Is there a web site or a constantly updated chart published that shows the location by lat/long of every oil rig, stand pipe, gas well, etc., in the Gulf? In the past, I've gotten block charts in LA that shows locations in individulal blocks, butI found thme inaccurate or outdated.


----------



## Speckulator (Oct 3, 2007)

Get a Hilton's Book!!!!!!!!!!!!!!

George


----------



## GAHUNTER (Jan 30, 2008)

Thanks George.

I found them on the web and it seems like this is exactly what I am looking for!

Thanks again.


----------



## user285 (Oct 2, 2007)

You can get them at Outcast, GBBT and Academy


----------



## bottomfisher01 (May 28, 2008)

Where did you find it on the web? Is it the hilton atlas?


----------



## user285 (Oct 2, 2007)

http://realtime-navigator.com/Merchant2/merchant.mvc?Screen=CTGY&Store_Code=HO&Category_Code=LD


----------



## Gump (Oct 4, 2007)

There are several ways to check up on rig moves and locations. First, you can purchase "POD" or "Print on demand" Block overlay chart for the Gulf. The "POD" charts are updated through the latest Local Notice to Mariners. From there you can simply check the USCG website to get the weekly updates for the Local Notice to Mariners for any changes. 
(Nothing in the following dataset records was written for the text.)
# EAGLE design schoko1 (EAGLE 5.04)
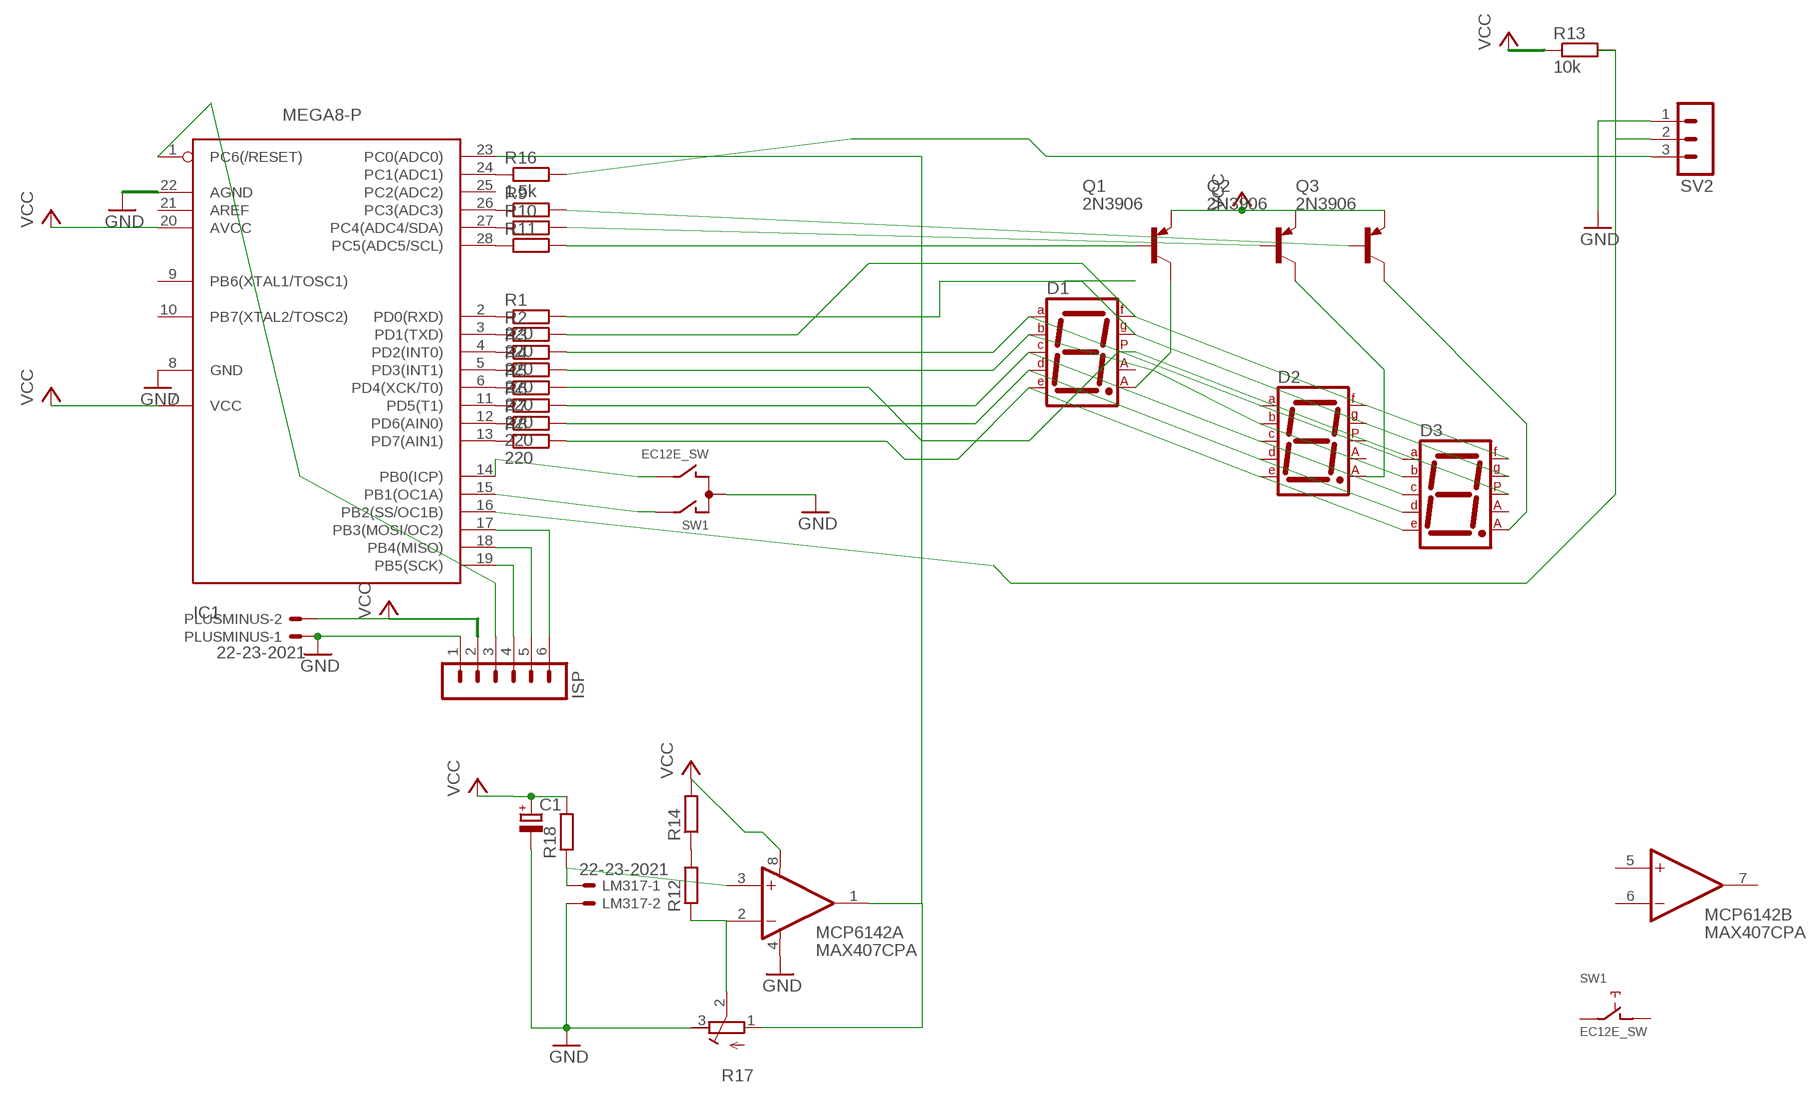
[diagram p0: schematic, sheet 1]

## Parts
C1  CPOL-EUTT2D5L  [TT2D5L]
D1  7SEG-CA  [7SEG-13]
D2  7SEG-CA  [7SEG-13]
D3  7SEG-CA  [7SEG-13]
IC1  MEGA8-P  [DIL28-3]
ISP  MA06-1  [MA06-1]
LM317  22-23-2021  [22-23-2021]
MCP6142  MAX407CPA  [DIL08]
PLUSMINUS  22-23-2021  [22-23-2021]
Q1  2N3906  [TO92]
Q2  2N3906  [TO92]
Q3  2N3906  [TO92]
R1  220  R-EU_0204/7  [0204/7]
R2  220  R-EU_0204/7  [0204/7]
R3  220  R-EU_0204/7  [0204/7]
R4  220  R-EU_0204/7  [0204/7]
R5  220  R-EU_0204/7  [0204/7]
R6  220  R-EU_0204/7  [0204/7]
R7  220  R-EU_0204/7  [0204/7]
R8  220  R-EU_0204/7  [0204/7]
R9  R-EU_0204/7  [0204/7]
R10  R-EU_0204/7  [0204/7]
R11  R-EU_0204/7  [0204/7]
R12  R-EU_0204/7  [0204/7]
R13  10k  R-EU_0204/7  [0204/7]
R14  R-EU_0204/7  [0204/7]
R16  1.5k  R-EU_0204/7  [0204/7]
R17  R-TRIMM64P  [RTRIM64P]
R18  R-EU_0204/7  [0204/7]
SV2  MA03-1  [MA03-1]
SW1  EC12E_SW  [ALPS_EC12E_SW]

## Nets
GND: C1.- IC1.8(GND) IC1.22(AGND) ISP.1 LM317.2 MCP6142.4(A:V-) PLUSMINUS.1 R17.3(A) SV2.1 SW1.C
N$1: D1.7(A) D2.7(A) D3.7(A) R3.2
N$2: D1.6(B) D2.6(B) D3.6(B) R4.2
N$3: D1.4(C) D2.4(C) D3.4(C) R6.2
N$4: D1.2(D) D2.2(D) D3.2(D) R7.2
N$5: D1.1(E) D2.1(E) D3.1(E) R8.2
N$6: D1.9(F) D2.9(F) D3.9(F) R2.2
N$7: D1.8(CA2) Q1.1(C)
N$8: IC1.4(PD2(INT0)) R3.1
N$9: IC1.5(PD3(INT1)) R4.1
N$10: IC1.6(PD4(XCK/T0)) R5.1
N$11: IC1.11(PD5(T1)) R6.1
N$12: IC1.12(PD6(AIN0)) R7.1
N$13: IC1.13(PD7(AIN1)) R8.1
N$14: IC1.2(PD0(RXD)) R1.1
N$15: IC1.3(PD1(TXD)) R2.1
N$16: D2.8(CA2) Q2.1(C)
N$17: D1.5(DP) D2.5(DP) D3.5(DP) R5.2
N$18: D1.10(G) D2.10(G) D3.10(G) R1.2
N$20: D3.8(CA2) Q3.1(C)
N$21: IC1.28(PC5(ADC5/SCL)) R11.1
N$22: IC1.27(PC4(ADC4/SDA)) R10.1
N$23: IC1.26(PC3(ADC3)) R9.1
N$24: Q3.2(B) R9.2
N$25: Q2.2(B) R10.2
N$26: Q1.2(B) R11.2
N$27: IC1.16(PB2(SS/OC1B)) R13.2 SV2.2
N$28: IC1.1(PC6(/RESET)) ISP.3
N$29: IC1.19(PB5(SCK)) ISP.4
N$30: IC1.18(PB4(MISO)) ISP.5
N$31: IC1.17(PB3(MOSI/OC2)) ISP.6
N$33: IC1.14(PB0(ICP)) SW1.B
N$34: IC1.15(PB1(OC1A)) SW1.A
N$37: IC1.24(PC1(ADC1)) R16.1
N$39: R12.2 R14.1
N$43: R16.2 SV2.3
N$44: IC1.23(PC0(ADC0)) MCP6142.1(A:OUT) R17.1(E)
N$45: MCP6142.2(A:-IN) R12.1 R17.2(S)
N$47: LM317.1 MCP6142.3(A:+IN) R18.1
VCC: C1.+ IC1.7(VCC) IC1.20(AVCC) ISP.2 MCP6142.8(A:V+) PLUSMINUS.2 Q1.3(E) Q2.3(E) Q3.3(E) R13.1 R14.2 R18.2
Unconnected: D1.3(CA1) D2.3(CA1) D3.3(CA1) IC1.9(PB6(XTAL1/TOSC1)) IC1.10(PB7(XTAL2/TOSC2)) IC1.21(AREF) IC1.25(PC2(ADC2)) MCP6142.5(B:+IN) MCP6142.6(B:-IN) MCP6142.7(B:OUT) SW1.D SW1.E SW1.GND1(G) SW1.GND2(G)

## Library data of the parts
C1 = resistor:CPOL-EU: POLARIZED CAPACITOR, European symbol
D1-D3 = special:7SEG-CA: 7-segment DISPLAY single anode, 13 mm
IC1 = atmel:MEGA8-P: MICROCONTROLLER 8 Kbytes FLASH, 1 kbytes SRAM, 512 bytes EEPROM, USART, 4-channel 10 bit ADC, 2-channel 8 bit ADC Pin compatible with Atmega48, ATMega88, ATMega168 Source: avr.lbr
ISP = con-lstb:MA06-1: PIN HEADER
LM317 PLUSMINUS = con-molex:22-23-2021: .100" (2.54mm) Center Header - 2 Pin
MCP6142 = maxim:MAX407CPA: OP AMP
Q1-Q3 = transistor-pnp:2N3906: PNP Transistor
R1-R14 R16 R18 = resistor:R-EU_: RESISTOR, European symbol
R17 = resistor:R-TRIMM: Trimm resistor
SV2 = con-lstb:MA03-1: PIN HEADER
SW1 = switch-alps:EC12E_SW: ALPS rotary Encoder EC12E series with switch

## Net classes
0 default: width 0.508 mm, clearance 0.254 mm
1 220: width 0.762 mm, clearance 0.762 mm

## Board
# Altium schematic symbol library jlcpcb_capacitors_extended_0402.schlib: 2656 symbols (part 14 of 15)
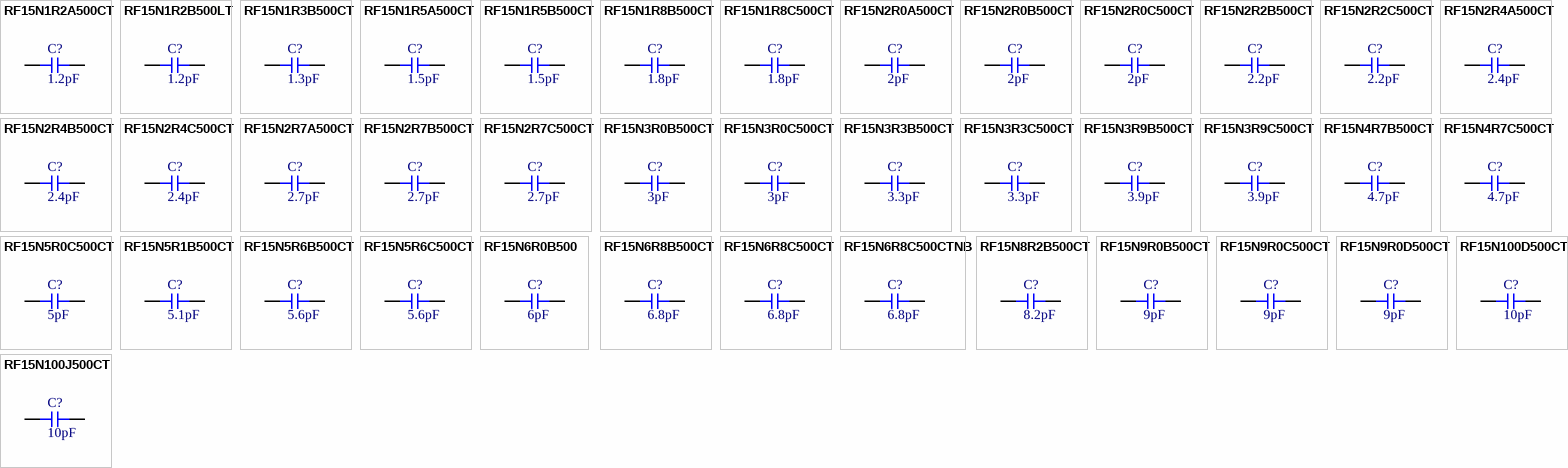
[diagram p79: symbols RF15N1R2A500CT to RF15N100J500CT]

## RF15N2R0B500CT
designator C?  Capacitance: 2pF  (hidden comment: *)
Capacitor, Ceramic (MLCC), 2pF, ±0.1pF, 50V, NP0, ±0.1pF, SMD 0402; Manufacturer: Walsin Tech Corp; Manufacturer Part Number: RF15N2R0B500CT
footprint CAP-0402 (0402 (1005M) Capacitor)
pins: 1, 2

## RF15N2R0C500CT
designator C?  Capacitance: 2pF  (hidden comment: *)
Capacitor, Ceramic (MLCC), 2pF, ±0.25pF, 50V, NP0, ±0.25pF, SMD 0402; Manufacturer: Walsin Tech Corp; Manufacturer Part Number: RF15N2R0C500CT
footprint CAP-0402 (0402 (1005M) Capacitor)
pins: 1, 2

## RF15N2R2B500CT
designator C?  Capacitance: 2.2pF  (hidden comment: *)
Capacitor, Ceramic (MLCC), 2.2pF, ±0.1pF, 50V, NP0, ±0.1pF, SMD 0402; Manufacturer: Walsin Tech Corp; Manufacturer Part Number: RF15N2R2B500CT
footprint CAP-0402 (0402 (1005M) Capacitor)
pins: 1, 2

## RF15N2R2C500CT
designator C?  Capacitance: 2.2pF  (hidden comment: *)
Capacitor, Ceramic (MLCC), 2.2pF, ±0.25pF, 50V, NP0, ±0.25pF, SMD 0402; Manufacturer: Walsin Tech Corp; Manufacturer Part Number: RF15N2R2C500CT
footprint CAP-0402 (0402 (1005M) Capacitor)
pins: 1, 2

## RF15N2R4A500CT
designator C?  Capacitance: 2.4pF  (hidden comment: *)
Capacitor, Ceramic (MLCC), 2.4pF, ±0.05pF, 50V, NP0, ±0.05pF, SMD 0402; Manufacturer: Walsin Tech Corp; Manufacturer Part Number: RF15N2R4A500CT
footprint CAP-0402 (0402 (1005M) Capacitor)
pins: 1, 2

## RF15N2R4B500CT
designator C?  Capacitance: 2.4pF  (hidden comment: *)
Capacitor, Ceramic (MLCC), 2.4pF, ±0.1pF, 50V, NP0, ±0.1pF, SMD 0402; Manufacturer: Walsin Tech Corp; Manufacturer Part Number: RF15N2R4B500CT
footprint CAP-0402 (0402 (1005M) Capacitor)
pins: 1, 2

## RF15N2R4C500CT
designator C?  Capacitance: 2.4pF  (hidden comment: *)
Capacitor, Ceramic (MLCC), 2.4pF, ±0.25pF, 50V, NP0, ±0.25pF, SMD 0402; Manufacturer: Walsin Tech Corp; Manufacturer Part Number: RF15N2R4C500CT
footprint CAP-0402 (0402 (1005M) Capacitor)
pins: 1, 2

## RF15N2R7A500CT
designator C?  Capacitance: 2.7pF  (hidden comment: *)
Capacitor, Ceramic (MLCC), 2.7pF, ±0.05pF, 50V, NP0, ±0.05pF, SMD 0402; Manufacturer: Walsin Tech Corp; Manufacturer Part Number: RF15N2R7A500CT
footprint CAP-0402 (0402 (1005M) Capacitor)
pins: 1, 2

## RF15N2R7B500CT
designator C?  Capacitance: 2.7pF  (hidden comment: *)
Capacitor, Ceramic (MLCC), 2.7pF, ±0.1pF, 50V, NP0, ±0.1pF, SMD 0402; Manufacturer: Walsin Tech Corp; Manufacturer Part Number: RF15N2R7B500CT
footprint CAP-0402 (0402 (1005M) Capacitor)
pins: 1, 2

## RF15N2R7C500CT
designator C?  Capacitance: 2.7pF  (hidden comment: *)
Capacitor, Ceramic (MLCC), 2.7pF, ±0.25pF, 50V, NP0, ±0.25pF, SMD 0402; Manufacturer: Walsin Tech Corp; Manufacturer Part Number: RF15N2R7C500CT
footprint CAP-0402 (0402 (1005M) Capacitor)
pins: 1, 2

## RF15N3R0B500CT
designator C?  Capacitance: 3pF  (hidden comment: *)
Capacitor, Ceramic (MLCC), 3pF, ±0.1pF, 50V, NP0, ±0.1pF, SMD 0402; Manufacturer: Walsin Tech Corp; Manufacturer Part Number: RF15N3R0B500CT
footprint CAP-0402 (0402 (1005M) Capacitor)
pins: 1, 2

## RF15N3R0C500CT
designator C?  Capacitance: 3pF  (hidden comment: *)
Capacitor, Ceramic (MLCC), 3pF, ±0.25pF, 50V, NP0, ±0.25pF, SMD 0402; Manufacturer: Walsin Tech Corp; Manufacturer Part Number: RF15N3R0C500CT
footprint CAP-0402 (0402 (1005M) Capacitor)
pins: 1, 2

## RF15N3R3B500CT
designator C?  Capacitance: 3.3pF  (hidden comment: *)
Capacitor, Ceramic (MLCC), 3.3pF, ±0.1pF, 50V, NP0, ±0.1pF, SMD 0402; Manufacturer: Walsin Tech Corp; Manufacturer Part Number: RF15N3R3B500CT
footprint CAP-0402 (0402 (1005M) Capacitor)
pins: 1, 2

## RF15N3R3C500CT
designator C?  Capacitance: 3.3pF  (hidden comment: *)
Capacitor, Ceramic (MLCC), 3.3pF, ±0.25pF, 50V, NP0, ±0.25pF, SMD 0402; Manufacturer: Walsin Tech Corp; Manufacturer Part Number: RF15N3R3C500CT
footprint CAP-0402 (0402 (1005M) Capacitor)
pins: 1, 2

## RF15N3R9B500CT
designator C?  Capacitance: 3.9pF  (hidden comment: *)
Capacitor, Ceramic (MLCC), 3.9pF, ±0.1pF, 50V, NP0, ±0.1pF, SMD 0402; Manufacturer: Walsin Tech Corp; Manufacturer Part Number: RF15N3R9B500CT
footprint CAP-0402 (0402 (1005M) Capacitor)
pins: 1, 2

## RF15N3R9C500CT
designator C?  Capacitance: 3.9pF  (hidden comment: *)
Capacitor, Ceramic (MLCC), 3.9pF, ±0.25pF, 50V, NP0, ±0.25pF, SMD 0402; Manufacturer: Walsin Tech Corp; Manufacturer Part Number: RF15N3R9C500CT
footprint CAP-0402 (0402 (1005M) Capacitor)
pins: 1, 2

## RF15N4R7B500CT
designator C?  Capacitance: 4.7pF  (hidden comment: *)
Capacitor, Ceramic (MLCC), 4.7pF, ±0.1pF, 50V, NP0, ±0.1pF, SMD 0402; Manufacturer: Walsin Tech Corp; Manufacturer Part Number: RF15N4R7B500CT
footprint CAP-0402 (0402 (1005M) Capacitor)
pins: 1, 2

## RF15N4R7C500CT
designator C?  Capacitance: 4.7pF  (hidden comment: *)
Capacitor, Ceramic (MLCC), 4.7pF, ±0.25pF, 50V, NP0, ±0.25pF, SMD 0402; Manufacturer: Walsin Tech Corp; Manufacturer Part Number: RF15N4R7C500CT
footprint CAP-0402 (0402 (1005M) Capacitor)
pins: 1, 2

## RF15N5R0C500CT
designator C?  Capacitance: 5pF  (hidden comment: *)
Capacitor, Ceramic (MLCC), 5pF, ±0.25pF, 50V, NP0, ±0.25pF, SMD 0402; Manufacturer: Walsin Tech Corp; Manufacturer Part Number: RF15N5R0C500CT
footprint CAP-0402 (0402 (1005M) Capacitor)
pins: 1, 2

## RF15N5R1B500CT
designator C?  Capacitance: 5.1pF  (hidden comment: *)
Capacitor, Ceramic (MLCC), 5.1pF, ±0.1pF, 50V, NP0, ±0.1pF, SMD 0402; Manufacturer: Walsin Tech Corp; Manufacturer Part Number: RF15N5R1B500CT
footprint CAP-0402 (0402 (1005M) Capacitor)
pins: 1, 2

## RF15N5R6B500CT
designator C?  Capacitance: 5.6pF  (hidden comment: *)
Capacitor, Ceramic (MLCC), 5.6pF, ±0.1pF, 50V, NP0, ±0.1pF, SMD 0402; Manufacturer: Walsin Tech Corp; Manufacturer Part Number: RF15N5R6B500CT
footprint CAP-0402 (0402 (1005M) Capacitor)
pins: 1, 2

## RF15N5R6C500CT
designator C?  Capacitance: 5.6pF  (hidden comment: *)
Capacitor, Ceramic (MLCC), 5.6pF, ±0.25pF, 50V, NP0, ±0.25pF, SMD 0402; Manufacturer: Walsin Tech Corp; Manufacturer Part Number: RF15N5R6C500CT
footprint CAP-0402 (0402 (1005M) Capacitor)
pins: 1, 2

## RF15N6R0B500
designator C?  Capacitance: 6pF  (hidden comment: *)
Capacitor, Ceramic (MLCC), 6pF, ±0.1pF, 50V, NP0, ±0.1pF, SMD 0402; Manufacturer: Walsin Tech Corp; Manufacturer Part Number: RF15N6R0B500
footprint CAP-0402 (0402 (1005M) Capacitor)
pins: 1, 2

## RF15N6R8B500CT
designator C?  Capacitance: 6.8pF  (hidden comment: *)
Capacitor, Ceramic (MLCC), 6.8pF, ±0.1pF, 50V, NP0, ±0.1pF, SMD 0402; Manufacturer: Walsin Tech Corp; Manufacturer Part Number: RF15N6R8B500CT
footprint CAP-0402 (0402 (1005M) Capacitor)
pins: 1, 2

## RF15N6R8C500CT
designator C?  Capacitance: 6.8pF  (hidden comment: *)
Capacitor, Ceramic (MLCC), 6.8pF, ±0.25pF, 50V, NP0, ±0.25pF, SMD 0402; Manufacturer: Walsin Tech Corp; Manufacturer Part Number: RF15N6R8C500CT
footprint CAP-0402 (0402 (1005M) Capacitor)
pins: 1, 2

## RF15N6R8C500CTNB
designator C?  Capacitance: 6.8pF  (hidden comment: *)
Capacitor, Ceramic (MLCC), 6.8pF, ±0.25pF, 50V, NP0, ±0.25pF, SMD 0402; Manufacturer: Walsin Tech Corp; Manufacturer Part Number: RF15N6R8C500CTNB
footprint CAP-0402 (0402 (1005M) Capacitor)
pins: 1, 2

## RF15N8R2B500CT
designator C?  Capacitance: 8.2pF  (hidden comment: *)
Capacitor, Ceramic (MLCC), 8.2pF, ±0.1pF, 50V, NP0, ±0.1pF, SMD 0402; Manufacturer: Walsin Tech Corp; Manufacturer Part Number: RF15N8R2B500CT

You may also want to check out www.rigzone.com I think there is a link to check out rig locations. Good Luck


----------



## bottomfisher01 (May 28, 2008)

The atlas or the chart?


----------



## user285 (Oct 2, 2007)

The atlas or the chart....what?


----------



## bottomfisher01 (May 28, 2008)

On the hiltons web site there is an atlas and a chart. Which one has the numbers on it?


----------



## user285 (Oct 2, 2007)

they both do. one is a spiral book the other is a fold up map. you can go to any of the stores mentioned above and see them first hand (I know Outcast had both the last time I was in there):toast


----------



## bottomfisher01 (May 28, 2008)

ok thanks


----------